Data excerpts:
+--

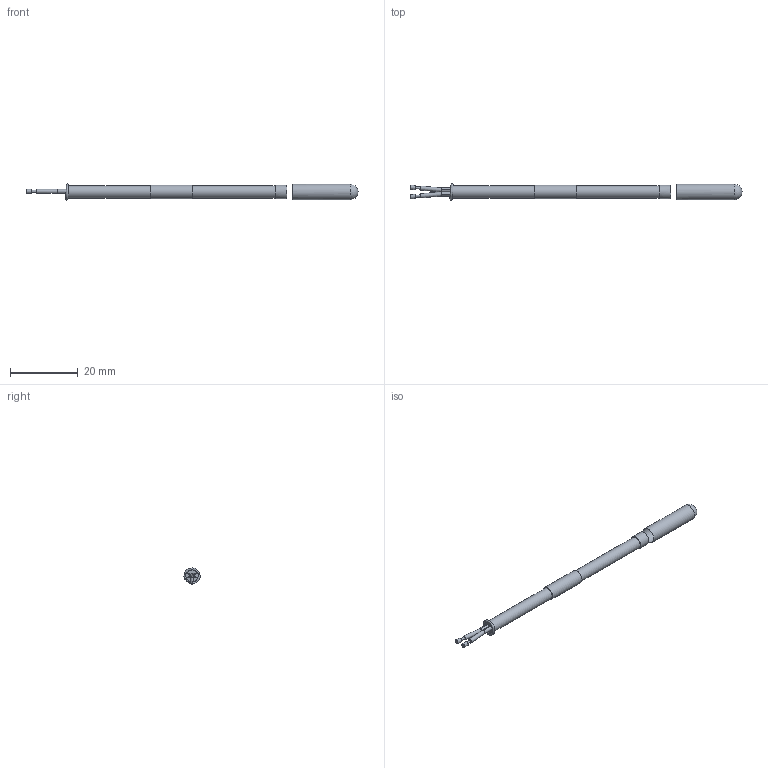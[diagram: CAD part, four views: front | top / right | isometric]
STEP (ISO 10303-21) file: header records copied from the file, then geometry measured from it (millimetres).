
FILE_DESCRIPTION(/* description */ (''),/* implementation_level */ '2;1');
FILE_NAME(/* name */ 'R:\Temp\J. Narvaez\IAN DRAWINGS\002 - Sensors\001 - MCS-T100\MCS-T100.stp',/* time_stamp */ '2022-11-14T09:41:22-05:00',/* author */ ('mjeter'),/* organization */ ('unknown'),/* preprocessor_version */ 'ST-DEVELOPER v19',/* originating_system */ 'Autodesk Inventor 2023',/* authorisation */ '');
FILE_SCHEMA (('AUTOMOTIVE_DESIGN { 1 0 10303 214 3 1 1 }'));
Length unit declared in the file: inch
Products named in the file (1): MCS-T100
Bounding box: 98.11 x 4.76 x 4.77 mm (x, y, z)
Volume: 1051.3 mm3; surface area: 1184.6 mm2
Topology: 1 solids, 1 shells, 38 faces, 83 edges, 49 vertices
Faces by surface type: cylinder 19, plane 12, sphere 5, bspline 1, cone 1
Full cylindrical faces by diameter (mm): 0.613 x3, 1.226 x4, 3.556 x2, 3.985 x1, 4.046 x1, 4.598 x1
Entity records: 1458 total; most frequent: CARTESIAN_POINT 549, DIRECTION 197, ORIENTED_EDGE 164, AXIS2_PLACEMENT_3D 87, EDGE_CURVE 82, VERTEX_POINT 50, EDGE_LOOP 45, CIRCLE 45

+--

• **YOUR OBJECTIVE**
Count every line in the data where the string "records" occurs. Give nothing except the number.

• **RESPONSE FOR THIS EXERCISE**
2